Region Count Number Defaulted Default Rate
Great Plains 37439 4517 12.06496
Mid-Atlantic 133249 24761 18.58250
Midwest 174646 29090 16.65655
New England 69547 8252 11.86536
Non-Contiguous 6009 830 13.81261
Rocky Mountain 60427 9115 15.08432
South 148868 32417 21.77567
Southwest 102059 19443 19.05075
West Coast 164771 29116 17.67059

3.2 Discretizing Gross Approval

While in general it’s good practice to avoid discretizing continuous variables as information is lost by binning them, there are 2 reasons why it’s more acceptable here:

  1. If you look at the summary of the Gross Approved amounts, you’ll notice that there’s a large right skew with 75% of loans amounting to 225k USD or less but a max value of 5.47 million USD.
FALSE    Min. 1st Qu.  Median    Mean 3rd Qu.    Max. 
FALSE    1000   35000   90000  193050  225000 5472000

Discretizing the variable in this case helps with this sparsity at the far right extremes.

  1. The cutoffs for each bin correspond with the type of small business loan typically seen:
  • 1k-50k USD: Microloans - Short-term loans that are generally seeked by newly established or growing small businesses
  • 50k-200k USD: SBA Express loans - Loans in this range are typically the amounts approved by regional banks and are generally used for purchasing a large asset (company or capital expenses) to be paid off over a longer period - can be upwards of 25 years.
  • 200k-500k USD: Medium-term loan: Meant to be paid back in 2-5 years. Generally used for an already established small business looking to expand further where the funds would help expand capital to buy larger inventory, supplies, open a new locations, etc.
  • 500k-1 million USD: SBA 7(a) loan: This is the most common long-term loan and is generally only approved for large fixed assets or real estate.

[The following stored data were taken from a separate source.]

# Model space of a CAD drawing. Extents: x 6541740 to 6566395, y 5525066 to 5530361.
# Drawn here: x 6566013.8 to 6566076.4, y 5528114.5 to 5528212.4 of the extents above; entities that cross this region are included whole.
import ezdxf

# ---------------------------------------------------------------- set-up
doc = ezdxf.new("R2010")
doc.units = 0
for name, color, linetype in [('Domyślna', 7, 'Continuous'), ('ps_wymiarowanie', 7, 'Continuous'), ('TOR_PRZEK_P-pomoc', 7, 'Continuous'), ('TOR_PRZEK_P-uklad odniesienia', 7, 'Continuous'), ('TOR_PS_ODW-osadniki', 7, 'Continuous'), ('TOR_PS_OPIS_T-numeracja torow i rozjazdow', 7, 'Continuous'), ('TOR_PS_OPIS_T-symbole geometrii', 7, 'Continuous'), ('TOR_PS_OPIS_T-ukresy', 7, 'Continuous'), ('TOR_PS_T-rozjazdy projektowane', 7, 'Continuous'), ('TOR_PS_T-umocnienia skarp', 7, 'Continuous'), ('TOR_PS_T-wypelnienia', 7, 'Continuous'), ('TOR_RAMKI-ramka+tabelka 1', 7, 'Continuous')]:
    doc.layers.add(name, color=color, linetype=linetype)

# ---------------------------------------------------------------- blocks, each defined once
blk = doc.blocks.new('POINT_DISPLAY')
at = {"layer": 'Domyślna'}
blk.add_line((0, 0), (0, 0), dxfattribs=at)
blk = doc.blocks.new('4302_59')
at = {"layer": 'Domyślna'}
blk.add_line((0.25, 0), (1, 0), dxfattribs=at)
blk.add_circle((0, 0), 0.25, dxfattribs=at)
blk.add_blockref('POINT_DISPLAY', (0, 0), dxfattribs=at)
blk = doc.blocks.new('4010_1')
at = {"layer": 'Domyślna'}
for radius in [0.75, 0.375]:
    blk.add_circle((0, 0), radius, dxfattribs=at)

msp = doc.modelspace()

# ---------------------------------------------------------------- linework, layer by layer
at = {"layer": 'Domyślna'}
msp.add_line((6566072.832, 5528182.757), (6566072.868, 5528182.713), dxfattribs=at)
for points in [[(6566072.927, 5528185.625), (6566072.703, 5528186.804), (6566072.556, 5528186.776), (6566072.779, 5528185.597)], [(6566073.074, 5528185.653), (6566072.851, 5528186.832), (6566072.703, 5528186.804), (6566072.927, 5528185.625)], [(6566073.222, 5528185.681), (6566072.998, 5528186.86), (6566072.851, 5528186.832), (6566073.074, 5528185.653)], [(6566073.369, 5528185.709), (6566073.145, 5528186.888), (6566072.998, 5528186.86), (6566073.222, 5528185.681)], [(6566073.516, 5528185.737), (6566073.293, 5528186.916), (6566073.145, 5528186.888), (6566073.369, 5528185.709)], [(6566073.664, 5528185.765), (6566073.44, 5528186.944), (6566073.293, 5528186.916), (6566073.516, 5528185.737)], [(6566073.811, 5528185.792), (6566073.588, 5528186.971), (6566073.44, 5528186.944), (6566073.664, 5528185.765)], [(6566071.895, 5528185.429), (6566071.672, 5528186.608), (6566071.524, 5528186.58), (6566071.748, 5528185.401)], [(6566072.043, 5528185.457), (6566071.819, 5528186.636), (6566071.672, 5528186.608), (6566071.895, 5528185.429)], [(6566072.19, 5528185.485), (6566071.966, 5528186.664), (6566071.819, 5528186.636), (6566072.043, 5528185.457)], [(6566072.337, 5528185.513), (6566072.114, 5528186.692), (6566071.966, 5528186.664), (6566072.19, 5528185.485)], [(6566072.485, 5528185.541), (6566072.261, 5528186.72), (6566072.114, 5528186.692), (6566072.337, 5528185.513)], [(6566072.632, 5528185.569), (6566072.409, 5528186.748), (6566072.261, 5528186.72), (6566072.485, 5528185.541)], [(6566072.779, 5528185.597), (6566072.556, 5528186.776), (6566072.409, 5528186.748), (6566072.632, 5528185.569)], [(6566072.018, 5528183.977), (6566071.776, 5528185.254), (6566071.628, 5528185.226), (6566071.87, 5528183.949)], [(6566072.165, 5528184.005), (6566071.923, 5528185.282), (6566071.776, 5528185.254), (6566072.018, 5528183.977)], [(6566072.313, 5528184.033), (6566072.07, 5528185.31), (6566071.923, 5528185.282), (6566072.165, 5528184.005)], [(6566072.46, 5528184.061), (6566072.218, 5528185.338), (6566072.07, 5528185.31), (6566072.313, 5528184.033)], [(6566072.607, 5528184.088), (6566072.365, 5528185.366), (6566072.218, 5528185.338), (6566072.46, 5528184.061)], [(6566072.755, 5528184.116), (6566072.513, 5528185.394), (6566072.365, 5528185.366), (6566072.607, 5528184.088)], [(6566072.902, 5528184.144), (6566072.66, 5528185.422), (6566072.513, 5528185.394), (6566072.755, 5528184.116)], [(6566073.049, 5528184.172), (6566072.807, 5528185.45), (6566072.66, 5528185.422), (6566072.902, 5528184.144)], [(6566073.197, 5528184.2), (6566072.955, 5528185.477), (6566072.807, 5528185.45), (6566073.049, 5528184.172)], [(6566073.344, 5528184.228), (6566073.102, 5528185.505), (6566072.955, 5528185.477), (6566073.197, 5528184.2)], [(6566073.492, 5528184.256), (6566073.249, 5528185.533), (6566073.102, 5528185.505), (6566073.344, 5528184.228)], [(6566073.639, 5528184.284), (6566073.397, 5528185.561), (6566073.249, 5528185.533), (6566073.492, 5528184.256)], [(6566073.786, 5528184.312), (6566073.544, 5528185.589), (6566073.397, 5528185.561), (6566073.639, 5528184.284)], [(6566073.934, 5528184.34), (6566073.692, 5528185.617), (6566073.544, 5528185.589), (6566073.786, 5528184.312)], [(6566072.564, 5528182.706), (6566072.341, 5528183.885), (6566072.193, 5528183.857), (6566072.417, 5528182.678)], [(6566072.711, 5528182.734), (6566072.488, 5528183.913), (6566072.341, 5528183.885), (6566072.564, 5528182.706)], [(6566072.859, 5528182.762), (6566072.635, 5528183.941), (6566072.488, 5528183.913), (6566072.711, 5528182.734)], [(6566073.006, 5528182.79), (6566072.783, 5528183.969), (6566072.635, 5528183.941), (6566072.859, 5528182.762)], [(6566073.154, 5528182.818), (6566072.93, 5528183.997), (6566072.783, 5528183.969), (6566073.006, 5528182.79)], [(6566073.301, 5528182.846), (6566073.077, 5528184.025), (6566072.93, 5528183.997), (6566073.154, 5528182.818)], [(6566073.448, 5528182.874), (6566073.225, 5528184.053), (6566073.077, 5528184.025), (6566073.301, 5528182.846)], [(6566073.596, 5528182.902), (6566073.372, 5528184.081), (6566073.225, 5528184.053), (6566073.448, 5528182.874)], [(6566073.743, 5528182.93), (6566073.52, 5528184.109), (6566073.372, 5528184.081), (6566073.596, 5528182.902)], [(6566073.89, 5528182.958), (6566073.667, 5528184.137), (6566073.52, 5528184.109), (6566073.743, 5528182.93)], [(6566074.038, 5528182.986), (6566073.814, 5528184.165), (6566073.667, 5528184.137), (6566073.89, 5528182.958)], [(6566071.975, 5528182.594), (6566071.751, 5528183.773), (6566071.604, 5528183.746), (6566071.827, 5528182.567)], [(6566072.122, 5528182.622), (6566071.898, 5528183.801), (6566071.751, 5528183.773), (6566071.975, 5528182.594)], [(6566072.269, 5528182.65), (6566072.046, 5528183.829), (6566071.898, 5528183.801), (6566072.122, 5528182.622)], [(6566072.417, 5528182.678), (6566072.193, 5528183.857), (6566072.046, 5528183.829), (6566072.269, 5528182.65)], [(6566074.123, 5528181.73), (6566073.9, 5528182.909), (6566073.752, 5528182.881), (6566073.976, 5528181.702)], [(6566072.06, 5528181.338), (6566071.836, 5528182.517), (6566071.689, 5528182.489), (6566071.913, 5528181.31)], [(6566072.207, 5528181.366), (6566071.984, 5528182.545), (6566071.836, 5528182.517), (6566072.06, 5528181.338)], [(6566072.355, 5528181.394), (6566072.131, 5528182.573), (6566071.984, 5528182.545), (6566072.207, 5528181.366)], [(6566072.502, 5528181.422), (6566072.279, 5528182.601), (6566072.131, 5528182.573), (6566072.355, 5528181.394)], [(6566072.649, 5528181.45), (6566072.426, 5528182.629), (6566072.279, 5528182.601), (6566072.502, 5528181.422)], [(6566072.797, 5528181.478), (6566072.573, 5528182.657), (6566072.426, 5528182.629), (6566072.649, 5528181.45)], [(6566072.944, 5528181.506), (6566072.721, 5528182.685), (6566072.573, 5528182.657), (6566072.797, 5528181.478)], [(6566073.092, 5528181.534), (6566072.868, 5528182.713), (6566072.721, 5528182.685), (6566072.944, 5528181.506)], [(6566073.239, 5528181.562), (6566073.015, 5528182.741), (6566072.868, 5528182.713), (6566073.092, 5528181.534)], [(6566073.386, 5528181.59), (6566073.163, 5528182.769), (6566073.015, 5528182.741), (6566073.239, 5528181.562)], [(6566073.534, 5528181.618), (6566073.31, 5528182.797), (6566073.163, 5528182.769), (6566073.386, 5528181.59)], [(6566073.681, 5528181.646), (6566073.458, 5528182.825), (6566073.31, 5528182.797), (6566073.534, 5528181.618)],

These are usually backed by collateral and loan guarantees and are only approved for well-established small businesses.
  • 1 million+ USD: Large SBA loans: This category is for the businesses that are the most credit-worthy and those that wish to expand beyond the definitions of what a ‘small business’ means.

Plotting the density curves, we get a better understanding of the distribution and spread of our different discretized bins. The overall density curve shows that the majority of loans are in the lower range (less than 50k) demonstrating that smaller loans are far more common than larger loans. Both plots exhibit an overall right-skewed distribution, but the skew significantly decreases when you compare within each of the sub-populations.

4 Summary

We performed some exploratory data analysis and data preprocessing in order to analyze the data behind our small business loan data. Then we performed 2 discretization processes: one turning our categorical variable State into larger categories of US Geographic Regions and one on our continuous variable Gross Approved loan amount into pre-defined bins. We then analyzed its impact and distribution following the discretization.